▶ **Work instructions**
Any picture in the records below stays out; return everything else exactly.

▶ **Records to process**

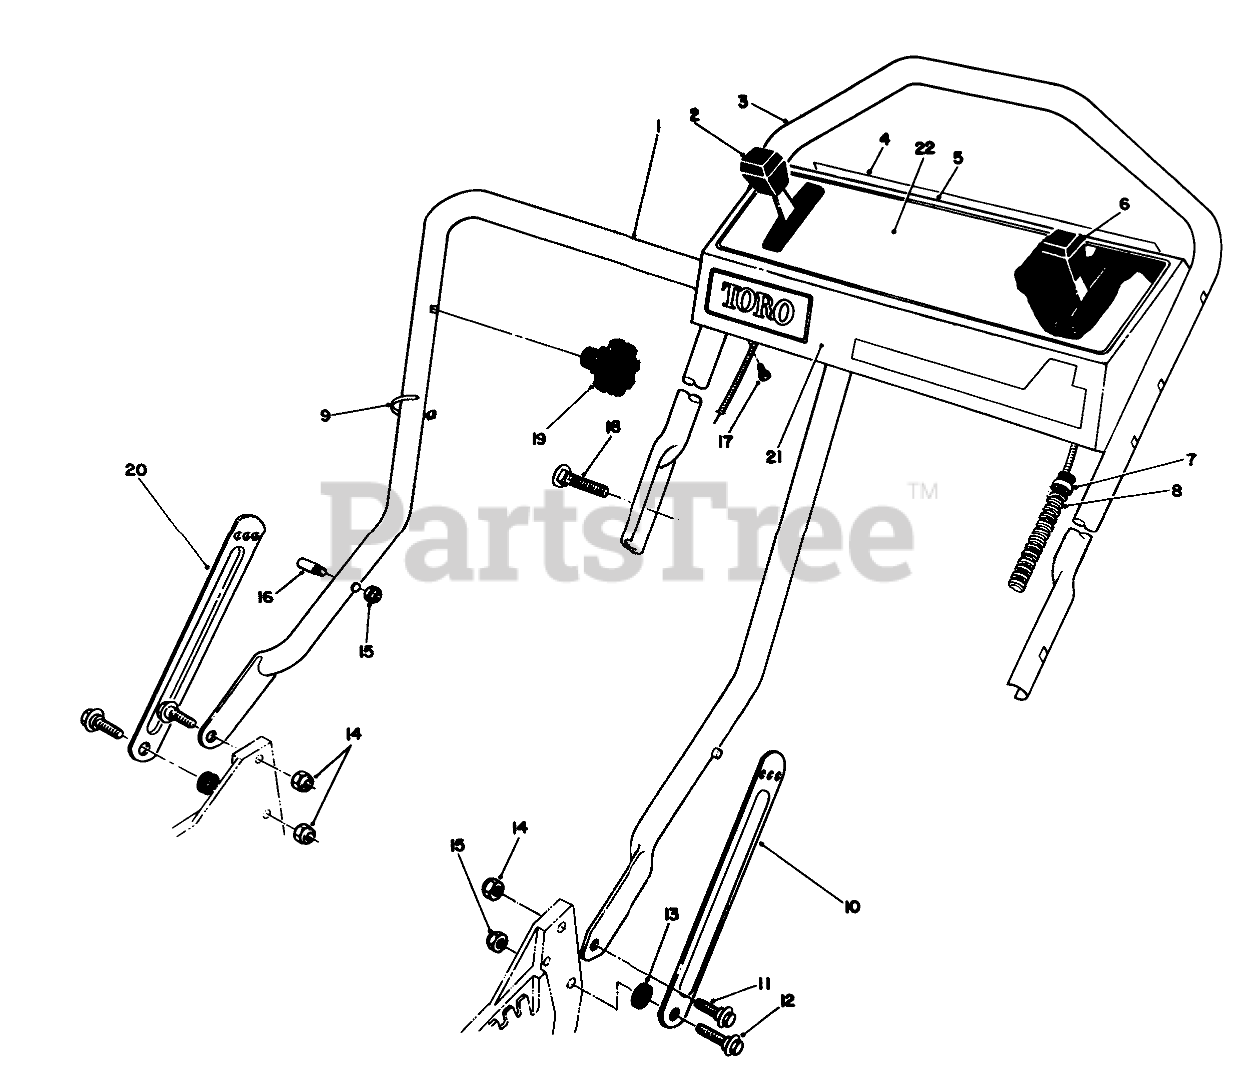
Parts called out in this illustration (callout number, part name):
1	LOWER HANDLE ASM
2	Control-Ground Speed
3	UPPER HANDLE
4	DECAL - PANEL, REAR
5	Panel-Control (Incl. Ref. #4, & 21)
6	THROTTLE CONTROL
7	FITTING-RING
8	CONTROL CABLE COVER
9	TIE-CABLE
10	LH HANDLE LATCH
11	SCREW-SHOULDER
12	SCREW-SHOULDER
13	SPACER
14	NUT-LOCK, NI
15	NUT-LOCK, NI
16	HANDLE PIN
17	SCREW-HWHTF
18	5/16-18 X 2 HNDLE SCREW
20	RH HANDLE LATCH
21	DECAL - TORO
22	DECAL - INSTRUCTION

▶ **Solution**
Parts called out in this illustration (callout number, part name):
1	LOWER HANDLE ASM
2	Control-Ground Speed
3	UPPER HANDLE
4	DECAL - PANEL, REAR
5	Panel-Control (Incl. Ref. #4, & 21)
6	THROTTLE CONTROL
7	FITTING-RING
8	CONTROL CABLE COVER
9	TIE-CABLE
10	LH HANDLE LATCH
11	SCREW-SHOULDER
12	SCREW-SHOULDER
13	SPACER
14	NUT-LOCK, NI
15	NUT-LOCK, NI
16	HANDLE PIN
17	SCREW-HWHTF
18	5/16-18 X 2 HNDLE SCREW
20	RH HANDLE LATCH
21	DECAL - TORO
22	DECAL - INSTRUCTION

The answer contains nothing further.